Who is this surgery for?
- Confirmed diagnosis of a primary malignant bone tumor in the proximal femur (thigh bone) or pelvic bones (acetabulum, ilium).
- Persistent, worsening hip or thigh pain, especially pain that wakes the child at night.
- Presence of a palpable mass or swelling in the hip or upper thigh region.
- Pathologic fracture (a break through a bone weakened by tumor).
- Imaging (X-ray, MRI, CT) findings highly suggestive of a malignant bone lesion.
- After neoadjuvant (pre-operative) chemotherapy to shrink the tumor for better surgical margins.
How to prepare
- Comprehensive staging workup including biopsy, MRI, CT scan, and bone scan to determine the tumor's extent.
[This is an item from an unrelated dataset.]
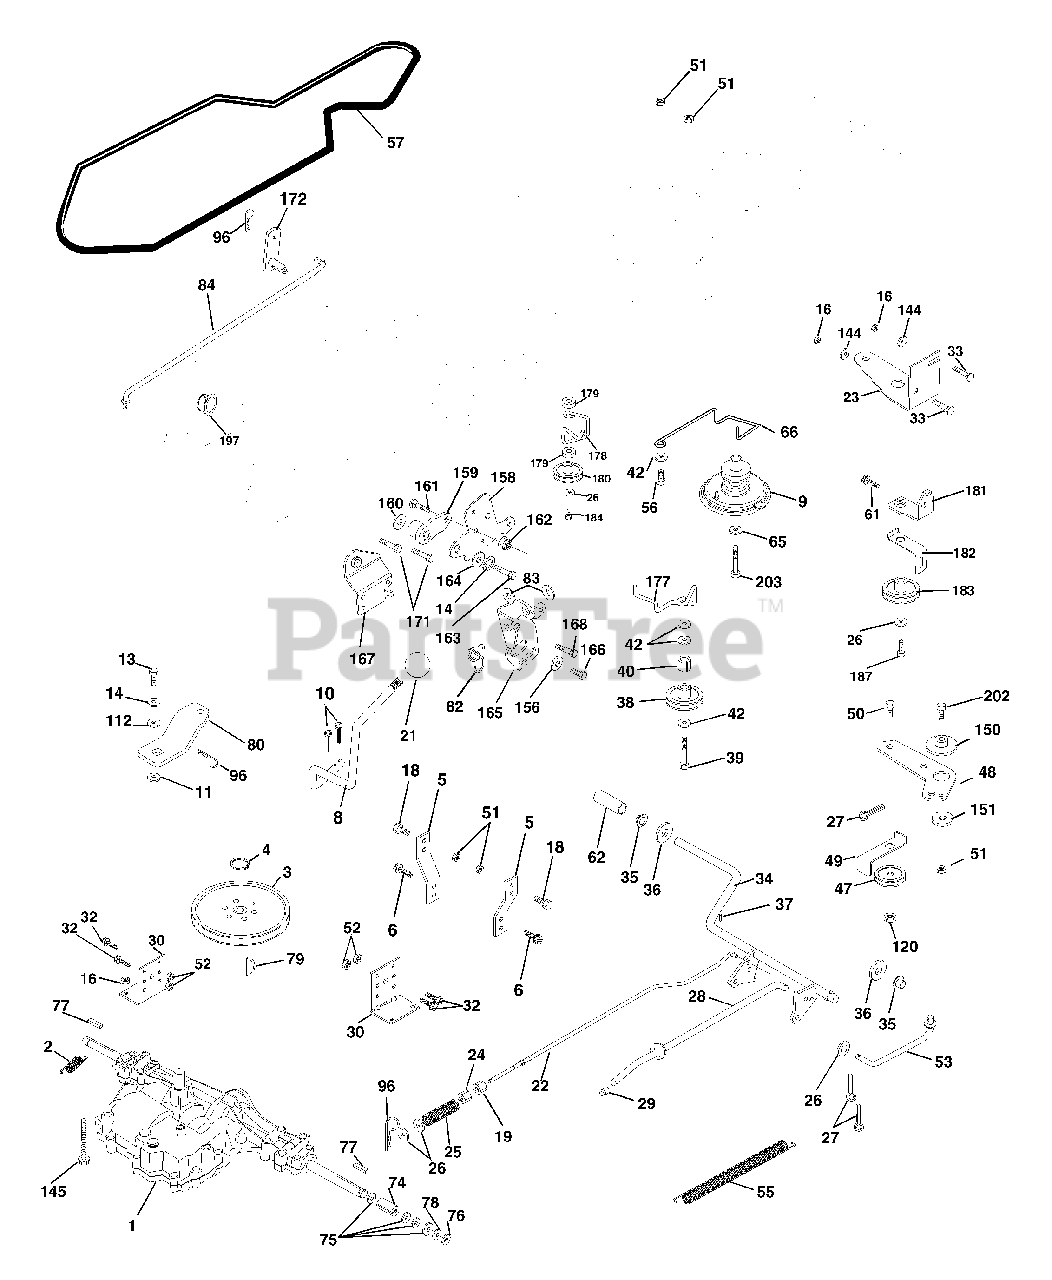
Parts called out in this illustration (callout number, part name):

- Pre-operative chemotherapy cycles to reduce tumor size and treat microscopic spread.
- Detailed surgical planning using 3D imaging and models for precise resection and reconstruction.
- Pre-operative counseling with the child and family about the procedure, outcomes, and rehabilitation journey.
- Nutritional optimization and pre-habilitation (physical therapy) to strengthen the child before surgery.
- Blood tests and cardiac evaluation to ensure fitness for major surgery and anesthesia.
Risks & possible complications
- Surgical risks: Infection, bleeding, blood clots (deep vein thrombosis), and nerve or blood vessel injury.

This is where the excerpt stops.